--- START ---

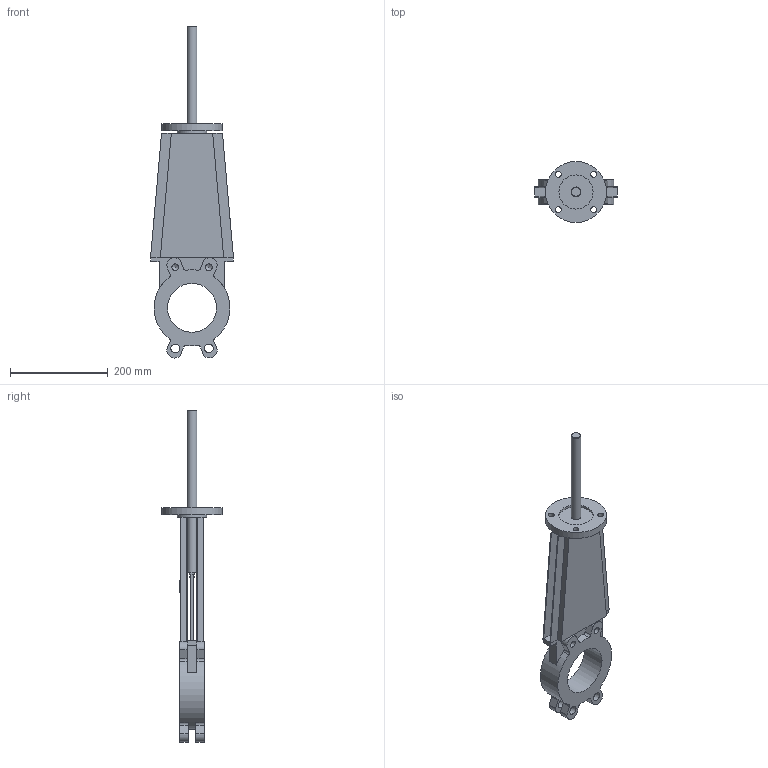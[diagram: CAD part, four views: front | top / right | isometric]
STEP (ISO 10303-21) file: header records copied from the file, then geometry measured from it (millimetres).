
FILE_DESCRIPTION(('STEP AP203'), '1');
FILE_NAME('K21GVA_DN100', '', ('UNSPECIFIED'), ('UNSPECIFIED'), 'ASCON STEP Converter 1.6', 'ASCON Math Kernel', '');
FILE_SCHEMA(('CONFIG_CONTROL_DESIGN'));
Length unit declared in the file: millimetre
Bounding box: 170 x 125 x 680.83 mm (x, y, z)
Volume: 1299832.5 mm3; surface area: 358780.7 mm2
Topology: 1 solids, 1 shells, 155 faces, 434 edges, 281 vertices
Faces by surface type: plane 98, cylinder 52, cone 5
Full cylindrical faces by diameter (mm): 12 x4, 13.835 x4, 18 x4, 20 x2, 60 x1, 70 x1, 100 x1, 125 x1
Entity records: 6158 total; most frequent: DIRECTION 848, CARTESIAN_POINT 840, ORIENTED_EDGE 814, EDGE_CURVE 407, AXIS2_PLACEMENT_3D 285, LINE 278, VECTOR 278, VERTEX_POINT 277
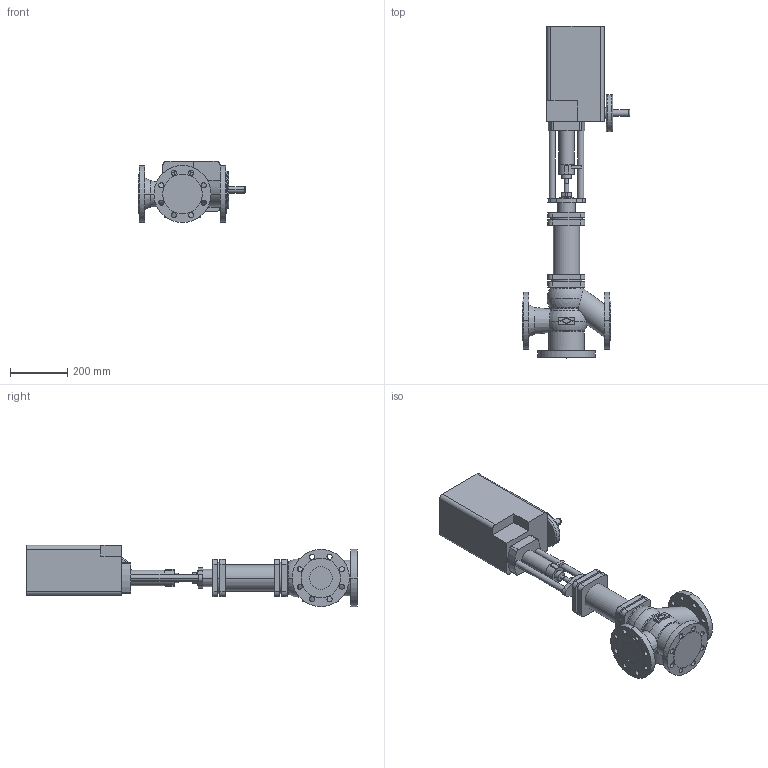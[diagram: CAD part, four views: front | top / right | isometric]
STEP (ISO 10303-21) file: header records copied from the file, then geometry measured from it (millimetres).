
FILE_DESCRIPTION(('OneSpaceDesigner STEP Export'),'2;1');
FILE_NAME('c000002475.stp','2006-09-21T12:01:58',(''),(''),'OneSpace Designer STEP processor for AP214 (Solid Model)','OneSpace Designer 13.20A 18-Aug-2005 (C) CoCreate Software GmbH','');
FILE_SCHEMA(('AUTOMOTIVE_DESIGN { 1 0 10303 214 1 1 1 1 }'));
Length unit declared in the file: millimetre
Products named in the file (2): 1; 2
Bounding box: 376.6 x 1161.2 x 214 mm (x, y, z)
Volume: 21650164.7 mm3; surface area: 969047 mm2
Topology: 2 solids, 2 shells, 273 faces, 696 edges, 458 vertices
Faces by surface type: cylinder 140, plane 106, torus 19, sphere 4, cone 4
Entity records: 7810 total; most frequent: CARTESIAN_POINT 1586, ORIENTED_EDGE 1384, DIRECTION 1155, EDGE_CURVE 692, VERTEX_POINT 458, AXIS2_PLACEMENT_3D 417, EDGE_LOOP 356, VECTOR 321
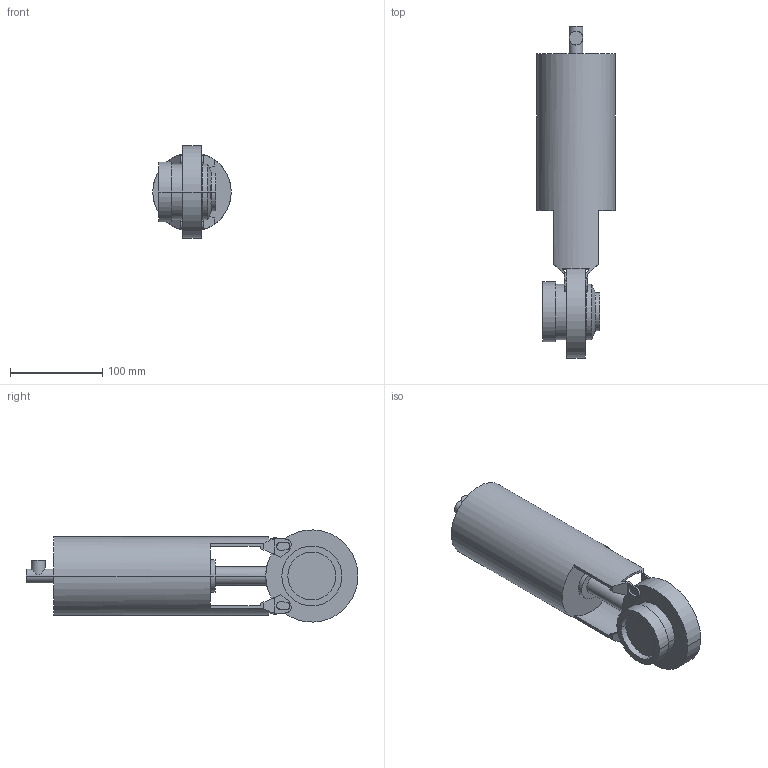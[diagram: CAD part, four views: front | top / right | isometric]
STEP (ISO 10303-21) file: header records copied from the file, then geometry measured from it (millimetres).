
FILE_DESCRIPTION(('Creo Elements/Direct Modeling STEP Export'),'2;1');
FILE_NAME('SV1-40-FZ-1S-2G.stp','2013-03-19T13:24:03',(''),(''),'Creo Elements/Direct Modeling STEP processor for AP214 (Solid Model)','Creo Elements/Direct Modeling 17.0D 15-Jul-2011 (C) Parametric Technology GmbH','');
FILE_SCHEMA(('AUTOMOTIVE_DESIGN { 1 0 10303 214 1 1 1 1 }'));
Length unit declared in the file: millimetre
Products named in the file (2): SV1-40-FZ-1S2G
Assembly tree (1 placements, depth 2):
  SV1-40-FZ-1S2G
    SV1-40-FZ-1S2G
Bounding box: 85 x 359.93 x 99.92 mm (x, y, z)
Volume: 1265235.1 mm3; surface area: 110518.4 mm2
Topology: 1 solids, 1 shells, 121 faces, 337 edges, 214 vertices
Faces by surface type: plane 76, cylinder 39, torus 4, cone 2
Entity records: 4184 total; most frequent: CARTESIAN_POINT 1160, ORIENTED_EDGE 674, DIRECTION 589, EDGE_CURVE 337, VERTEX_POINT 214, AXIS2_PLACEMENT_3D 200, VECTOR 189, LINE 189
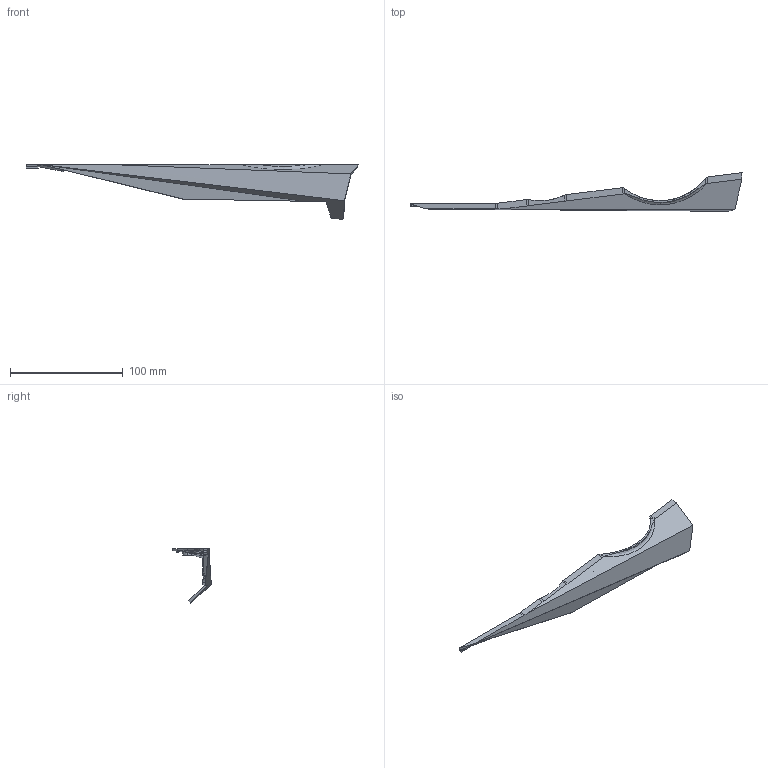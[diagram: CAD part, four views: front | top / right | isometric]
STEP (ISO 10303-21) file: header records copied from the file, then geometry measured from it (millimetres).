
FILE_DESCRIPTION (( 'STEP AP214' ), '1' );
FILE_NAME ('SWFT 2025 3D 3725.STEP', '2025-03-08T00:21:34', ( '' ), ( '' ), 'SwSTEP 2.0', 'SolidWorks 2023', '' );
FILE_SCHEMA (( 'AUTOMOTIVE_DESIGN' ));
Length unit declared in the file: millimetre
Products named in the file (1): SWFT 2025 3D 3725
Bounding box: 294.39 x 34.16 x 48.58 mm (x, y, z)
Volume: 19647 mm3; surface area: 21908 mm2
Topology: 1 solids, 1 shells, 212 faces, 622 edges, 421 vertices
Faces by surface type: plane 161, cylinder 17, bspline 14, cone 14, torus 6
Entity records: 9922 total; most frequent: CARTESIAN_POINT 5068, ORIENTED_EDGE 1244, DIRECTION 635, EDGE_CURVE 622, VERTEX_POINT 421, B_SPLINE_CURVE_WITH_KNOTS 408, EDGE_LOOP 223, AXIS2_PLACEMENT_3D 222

--- END ---

**Task brief**
All of the material above is to be retyped verbatim, with its pictures omitted.

**Worked solution**
[diagram: CAD part, four views: front | top / right | isometric]
STEP (ISO 10303-21) file: header records copied from the file, then geometry measured from it (millimetres).
FILE_DESCRIPTION(('STEP AP203'), '1');
FILE_NAME('K21GVA_DN100', '', ('UNSPECIFIED'), ('UNSPECIFIED'), 'ASCON STEP Converter 1.6', 'ASCON Math Kernel', '');
FILE_SCHEMA(('CONFIG_CONTROL_DESIGN'));
Length unit declared in the file: millimetre
Bounding box: 170 x 125 x 680.83 mm (x, y, z)
Volume: 1299832.5 mm3; surface area: 358780.7 mm2
Topology: 1 solids, 1 shells, 155 faces, 434 edges, 281 vertices
Faces by surface type: plane 98, cylinder 52, cone 5
Full cylindrical faces by diameter (mm): 12 x4, 13.835 x4, 18 x4, 20 x2, 60 x1, 70 x1, 100 x1, 125 x1
Entity records: 6158 total; most frequent: DIRECTION 848, CARTESIAN_POINT 840, ORIENTED_EDGE 814, EDGE_CURVE 407, AXIS2_PLACEMENT_3D 285, LINE 278, VECTOR 278, VERTEX_POINT 277
[diagram: CAD part, four views: front | top / right | isometric]
STEP (ISO 10303-21) file: header records copied from the file, then geometry measured from it (millimetres).
FILE_DESCRIPTION(('OneSpaceDesigner STEP Export'),'2;1');
FILE_NAME('c000002475.stp','2006-09-21T12:01:58',(''),(''),'OneSpace Designer STEP processor for AP214 (Solid Model)','OneSpace Designer 13.20A 18-Aug-2005 (C) CoCreate Software GmbH','');
FILE_SCHEMA(('AUTOMOTIVE_DESIGN { 1 0 10303 214 1 1 1 1 }'));
Length unit declared in the file: millimetre
Products named in the file (2): 1; 2
Bounding box: 376.6 x 1161.2 x 214 mm (x, y, z)
Volume: 21650164.7 mm3; surface area: 969047 mm2
Topology: 2 solids, 2 shells, 273 faces, 696 edges, 458 vertices
Faces by surface type: cylinder 140, plane 106, torus 19, sphere 4, cone 4
Entity records: 7810 total; most frequent: CARTESIAN_POINT 1586, ORIENTED_EDGE 1384, DIRECTION 1155, EDGE_CURVE 692, VERTEX_POINT 458, AXIS2_PLACEMENT_3D 417, EDGE_LOOP 356, VECTOR 321
[diagram: CAD part, four views: front | top / right | isometric]
STEP (ISO 10303-21) file: header records copied from the file, then geometry measured from it (millimetres).
FILE_DESCRIPTION(('Creo Elements/Direct Modeling STEP Export'),'2;1');
FILE_NAME('SV1-40-FZ-1S-2G.stp','2013-03-19T13:24:03',(''),(''),'Creo Elements/Direct Modeling STEP processor for AP214 (Solid Model)','Creo Elements/Direct Modeling 17.0D 15-Jul-2011 (C) Parametric Technology GmbH','');
FILE_SCHEMA(('AUTOMOTIVE_DESIGN { 1 0 10303 214 1 1 1 1 }'));
Length unit declared in the file: millimetre
Products named in the file (2): SV1-40-FZ-1S2G
Assembly tree (1 placements, depth 2):
  SV1-40-FZ-1S2G
    SV1-40-FZ-1S2G
Bounding box: 85 x 359.93 x 99.92 mm (x, y, z)
Volume: 1265235.1 mm3; surface area: 110518.4 mm2
Topology: 1 solids, 1 shells, 121 faces, 337 edges, 214 vertices
Faces by surface type: plane 76, cylinder 39, torus 4, cone 2
Entity records: 4184 total; most frequent: CARTESIAN_POINT 1160, ORIENTED_EDGE 674, DIRECTION 589, EDGE_CURVE 337, VERTEX_POINT 214, AXIS2_PLACEMENT_3D 200, VECTOR 189, LINE 189
[diagram: CAD part, four views: front | top / right | isometric]
STEP (ISO 10303-21) file: header records copied from the file, then geometry measured from it (millimetres).
FILE_DESCRIPTION (( 'STEP AP214' ), '1' );
FILE_NAME ('SWFT 2025 3D 3725.STEP', '2025-03-08T00:21:34', ( '' ), ( '' ), 'SwSTEP 2.0', 'SolidWorks 2023', '' );
FILE_SCHEMA (( 'AUTOMOTIVE_DESIGN' ));
Length unit declared in the file: millimetre
Products named in the file (1): SWFT 2025 3D 3725
Bounding box: 294.39 x 34.16 x 48.58 mm (x, y, z)
Volume: 19647 mm3; surface area: 21908 mm2
Topology: 1 solids, 1 shells, 212 faces, 622 edges, 421 vertices
Faces by surface type: plane 161, cylinder 17, bspline 14, cone 14, torus 6
Entity records: 9922 total; most frequent: CARTESIAN_POINT 5068, ORIENTED_EDGE 1244, DIRECTION 635, EDGE_CURVE 622, VERTEX_POINT 421, B_SPLINE_CURVE_WITH_KNOTS 408, EDGE_LOOP 223, AXIS2_PLACEMENT_3D 222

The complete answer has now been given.